Employment of Anti-Tank Guided Missiles

From the point of view of relevance to our context, the employment of Russian third generation Anti-tank Guided Missiles merits the closest attention. The Israeli made Merkava is said to be the worlds most highly protected/heavily armoured tank. Despite use of Explosive Reactive Armour (ERA), 45 percent of Israeli tanks that sustained hits were penetrated.

Alon Ben David writing in the 11 Oct, 06 issue of the Janes Defense Weekly states that Israeli Merkava mark 1, 2, 3 and 4 MBT (Main Battle Tanks) were confronted with an array of Russian ATGMS to include:

  • Kornet E-9 P133 “This is claimed to be able to penetrate 1 to 1.2 metres of armour protected by ERA”. This has a Semi Automatic Command Line of Sight laser beam riding guidance system and a range of 5km
  • Metis – M9M131 This is equipped with a tandem High Explosive Anti-tank (HEAT) war head and a range of 2 km
  • Konkurs 9K113 (ATS) This is an older version ATGM. Also called AT – 5 (Spandrel) this has a range of 4kms and has a shaped charge
  • Fagot 9K111(AT-4) The bulk of the ATGMs used were of this type which was available to the Hezbollah in very large numbers. This was first used in the 1973 Arab-Israeli war along with AT-3 Sagger and AT-4 Spigot. The Sagger was used in large numbers (as much as 30-40 at a time)
  • RPG 29. This is a tandem war head rocket propelled grenade (the first ambush that triggered this war was done with this weapon)41

The penetration rate of US made Israeli MBT by first generation Russian ATGMs was 60 percent in the Yom Kippur war. Tremendous improvements in armour (sandwiched/laminated armour and ERA) brought it down to 47 percent in the 1982 Lebanon war. Two crewmen were killed in each penetrated MBT in the 1973 war. The Merkava tank design seeks to enhance crew protection by putting the engine in front. Statistically the crew attrition rate was brought down to 1.6 crew member killed per tank penetration.42 Out of some 20 Israeli MBTs destroyed in this war, 14 were lost to ATGMs (mostly Russian third generation ATGMs) However, the crew loss rate has now been brought down to approximately one per penetration.43

Tactical Aspects

Part of this high penetration rate is attributed to tactical errors by the Israeli Armour.
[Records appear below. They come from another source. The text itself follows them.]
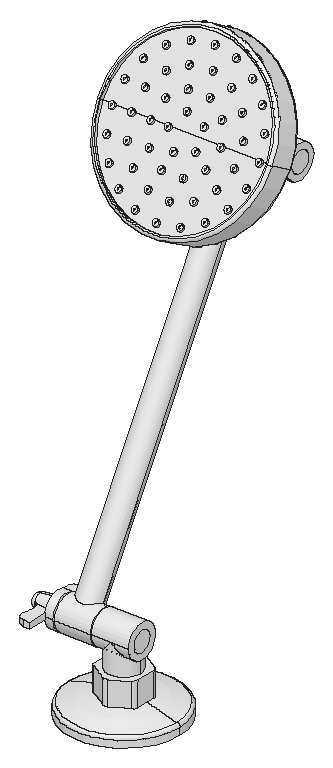
Revit family "CL10057-C3A_CLARK ROUND BASICS ADJUSTABLE SHOWER", category Plumbing Fixtures, host Face, Revit 2015
Parameters (values of type "CLARK ROUND BASICS ADJUSTABLE SHOWER")
  Waste Connection = no
  Vent Connection = no
  URL = "https://www.clark.com.au/"
  Shower Rod = GWA_Metal-Chrome
  Shower Nozzels = GWA_Metal-Chrome
  Shower Head = GWA_Metal-Chrome
  Model = "CL10057.C3A"
  Manufacturer = "GWA Bathrooms & Kitchens"  # constant formula
  HW Connection = no
  Description = "CLARK ROUND BASICS ADJUSTABLE SHOWER"
  Default Elevation = 0 mm
  CreatedBy_ANZRS = "GWA Bathrooms & Kitchens"  # constant formula
  CW Connection = no
  Assembly Code = "D2010710"
Reference planes
  plane 1 "Center (Front/Back)": y = 0
  plane 2: z = 0
  plane 3 "Center (Left/Right)": x = 0
Forms (mm)
  Sweep 1, solid, material "GWA_Metal-Chrome" <- "Shower Rod"
    path origin (-2.062, -0.721, 0) x (1, 0, 0) y (0, 1, 0)
      loop
        circle (0, 0) r 31
    profile origin (-2.062, 30.279, 0) x (0, -1, 0) y (0, 0, 1)
      loop
        line (-0.937, 0) -> (29.594, 0) -> (29.594, 10.207) -> (18.596, 10.207)
        arc (18.596, 10.207) -> (9.407, 8.593) -> (0.441, 6.016) r 88.065
        arc (0.441, 6.016) -> (-0.56, 5.23) -> (-0.937, 4.016) r 2.14
        line (-0.937, 4.016) -> (-0.937, 0)
  Extrusion 2, solid, material "GWA_Metal-Chrome" <- "Shower Rod"
    sketch origin (-2.062, -0.721, 0) x (1, 0, 0) y (0, 1, 0)
      loop
        line (1.61, -13.446) -> (11.081, -7.978)
        arc (11.081, -7.978) -> (12.135, -6.923) -> (12.522, -5.482) r 2.882
        line (12.522, -5.482) -> (12.522, 5.646)
        arc (12.522, 5.646) -> (12.133, 7.095) -> (11.072, 8.156) r 2.899
        line (11.072, 8.156) -> (1.576, 13.639)
        arc (1.576, 13.639) -> (0.151, 14.021) -> (-1.275, 13.639) r 2.852
        line (-1.275, 13.639) -> (-11.081, 7.978)
        arc (-11.081, 7.978) -> (-12.136, 6.923) -> (-12.522, 5.482) r 2.882
        line (-12.522, 5.482) -> (-12.522, -5.299)
        arc (-12.522, -5.299) -> (-12.129, -6.763) -> (-11.057, -7.835) r 2.929
        line (-11.057, -7.835) -> (-1.339, -13.446)
        arc (-1.339, -13.446) -> (0.135, -13.841) -> (1.61, -13.446) r 2.949
    from 8.844 to 23.755
  Extrusion 3, solid, material "GWA_Metal-Chrome" <- "Shower Rod"
    sketch origin (-2.062, -0.721, 0) x (1, 0, 0) y (0, 1, 0)
      loop
        circle (0, 0) r 9.5
    from 23.755 to 40
  Sweep 4, solid, material "GWA_Metal-Chrome" <- "Shower Rod"
    path origin (-0.812, -0.721, 0) x (0, 1, 0) y (0, 0, 1)
      loop
        arc (0.823, 40) -> (1.725, 42.576) -> (2.94, 45.02) r 21.946
        line (2.94, 45.02) -> (109.738, 230)
    profile origin (-0.812, 55.618, 137.51) x (0, -0.866025, 0.5) y (1, 0, 0)
      loop
        circle (0, -24) r 7
  Extrusion 5, solid, material "GWA_Metal-Chrome" <- "Shower Rod"
    sketch origin (-1.672, -0.721, 0.547) x (0, 1, 0) y (0, 0, 1)
      loop
        circle (0.002, 39.932) r 9.5
      loop
        circle (0.002, 39.932) r 6
      loop
        circle (0.002, 39.932) r 5.8
    from -37.97 to 10
  Extrusion 6, void
    sketch origin (-2.062, -0.721, 0) x (0, 1, 0) y (0, 0, 1)
      loop
        circle (0.002, 39.932) r 10.5
      loop
        circle (0.002, 39.932) r 8.2
    from -11.3 to -10.9
  Extrusion 7, void
    sketch origin (-0.695, -0.721, 0) x (0, 1, 0) y (0, 0, 1)
      loop
        circle (0, 40) r 10.5
      loop
        circle (0, 40) r 7
    from -34.167 to -33.167
  Extrusion 8, solid, material "GWA_Metal-Chrome" <- "Shower Rod"
    sketch origin (-2.062, 112.373, 196.25) x (0, 1, 0) y (0, 0, 1)
      loop
        circle (0.002, 39.932) r 9.5
      loop
        circle (0.002, 39.932) r 6
      loop
        circle (0.002, 39.932) r 5.8
    from -37.601 to 10.23
  Revolve 9, solid, material "GWA_Metal-Chrome" <- "Shower Rod"
    sketch origin (-2.062, 129.641, 225.965) x (0, 0.857167, -0.515038) y (1, 0, 0)
      loop
        line (-36.134, 9.919) -> (-36.134, 0) -> (-25.66, 0) -> (-25.66, 7) -> (-33.796, 7)
        arc (-33.796, 7) -> (-34.414, 8.417) -> (-34.777, 9.919) r 8.868
        line (-34.777, 9.919) -> (-36.134, 9.919)
      axis (-25.66, 0) -> (-36.134, 0)
    angle from 0 to 360
  Extrusion 10, solid, material "GWA_Metal-Chrome" <- "Shower Head"
    sketch origin (9.449, 71.942, 275.331) x (0.982629, 0.09558, 0.159072) y (-0.185579, 0.506092, 0.842278)
      loop
        arc (-16.812, -0.485) -> (-23.421, -8.098) -> (-20.043, -17.598) r 10
        arc (-20.043, -17.598) -> (-19.203, -18.181) -> (-18.273, -18.608) r 5.785
        arc (-18.273, -18.608) -> (-15.297, -18.967) -> (-12.395, -19.718) r 22.463
        arc (-12.395, -19.718) -> (-11.374, -19.66) -> (-10.379, -19.423) r 5.785
        arc (-10.379, -19.423) -> (-3.769, -11.81) -> (-7.147, -2.311) r 10
        arc (-7.147, -2.311) -> (-7.987, -1.727) -> (-8.917, -1.3) r 5.785
        arc (-8.917, -1.3) -> (-11.893, -0.942) -> (-14.795, -0.19) r 22.463
        arc (-14.795, -0.19) -> (-15.816, -0.248) -> (-16.812, -0.485) r 5.785
    from -25.57 to -38.75
  Revolve 11, solid, material "GWA_Metal-Chrome" <- "Shower Head"
    sketch origin (-2.062, 129.468, 226.385) x (0, 0.857167, -0.515038) y (1, 0, 0)
      loop
        line (-47.752, 0) -> (-47.752, 9.158) -> (-52.752, 9.158)
        arc (-52.752, 9.158) -> (-54.898, 11.843) -> (-58.094, 13.11) r 6.698
        line (-58.094, 13.11) -> (-58.094, 16.063)
        arc (-58.094, 16.063) -> (-58.475, 18.043) -> (-60.282, 18.938) r 2.27
        line (-60.282, 18.938) -> (-76.688, 18.938)
        arc (-76.688, 18.938) -> (-78.279, 19.478) -> (-79.212, 20.875) r 2.613
        line (-79.212, 20.875) -> (-79.212, 0) -> (-47.752, 0)
      axis (-47.752, 0) -> (-79.212, 0)
    angle from 0 to 360
  Revolve 12, solid, material "GWA_Metal-Chrome" <- "Shower Head"
    sketch origin (-2.062, 169.988, 205.209) x (0, 0.866025, -0.5) y (-1, 0, 0)
      loop
        line (-147.571, -47.188) -> (-147.571, -48.174)
        arc (-147.571, -48.174) -> (-147.132, -49.229) -> (-146.288, -50) r 2.64
        line (-146.288, -50) -> (-132.368, -50)
        arc (-132.368, -50) -> (-131.745, -49.782) -> (-131.393, -49.223) r 1
        arc (-131.393, -49.223) -> (-127.984, -34.56) -> (-124.464, -19.924) r 2006.69
        line (-124.464, -19.924) -> (-126.208, 0) -> (-146.571, 0) -> (-146.571, -47.188) -> (-147.571, -47.188)
      axis (-147.571, 0) -> (-124.464, 0)
    angle from 0 to 360
  Revolve 13, solid, material "GWA_Metal-Chrome" <- "Shower Rod"
    sketch origin (-2.062, -0.721, 0) x (1, 0, 0) y (0, 0, 1)
      loop
        line (-37.58, 40.557) -> (-51.095, 40.557)
        arc (-51.095, 40.557) -> (-50.137, 37.629) -> (-47.448, 36.125) r 4.235
        line (-47.448, 36.125) -> (-37.58, 34.593) -> (-37.58, 40.557)
      axis (-37.58, 40.557) -> (-51.095, 40.557)
    angle from 0 to 360
  Extrusion 14, solid, material "GWA_Metal-Chrome" <- "Shower Rod"
    sketch origin (-2.062, -0.721, 0) x (1, 0, 0) y (0, 1, 0)
      loop
        line (-37.601, 5.668) -> (-37.601, 19.963) -> (-41.101, 19.963)
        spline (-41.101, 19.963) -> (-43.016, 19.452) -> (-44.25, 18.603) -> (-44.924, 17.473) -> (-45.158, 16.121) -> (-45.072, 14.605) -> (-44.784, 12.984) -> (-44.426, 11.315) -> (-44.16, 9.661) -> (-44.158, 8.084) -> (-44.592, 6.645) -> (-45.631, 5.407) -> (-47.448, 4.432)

Retired Brigadier General Avigder Klein said that instead of leading wide offensives, small armoured formations were sent on isolated rescue and covering mission. This unnecessarily exposed them to the ATGMs.44

Swarm Tactics

As stated earlier, the Hezbollah tactics of firing ATGMs in Swarms both against tanks and infantry proved highly successful. It forced the tanks to advance closed up (hatches down) and separated the infantry from the armour. This destroyed the cohesion of the combat teams. The Hezbollah fighters know the terrain very well and made excellent use of the ground to site their ambushes.45

Active Protection System

The high percentage of tank hits, highlights the need to consider Active Protection Systems for our tank fleet on great priority. The Israelis have tasked their Raphel Armament Development Authority to produce the “Trophy” Active Protection System for fielding by 2009. The Israel Military Industry is producing the Iron Fist APS 46 This operation has rekindled the debate on the need for a heavily protected Armoured Personnel Carrier (APC) for the infantry. Most of the APCs/ICVs today are too lightly armoured/thin skinned to survive in the modern battlefield where tandem HEAT war heads are available in large quantities.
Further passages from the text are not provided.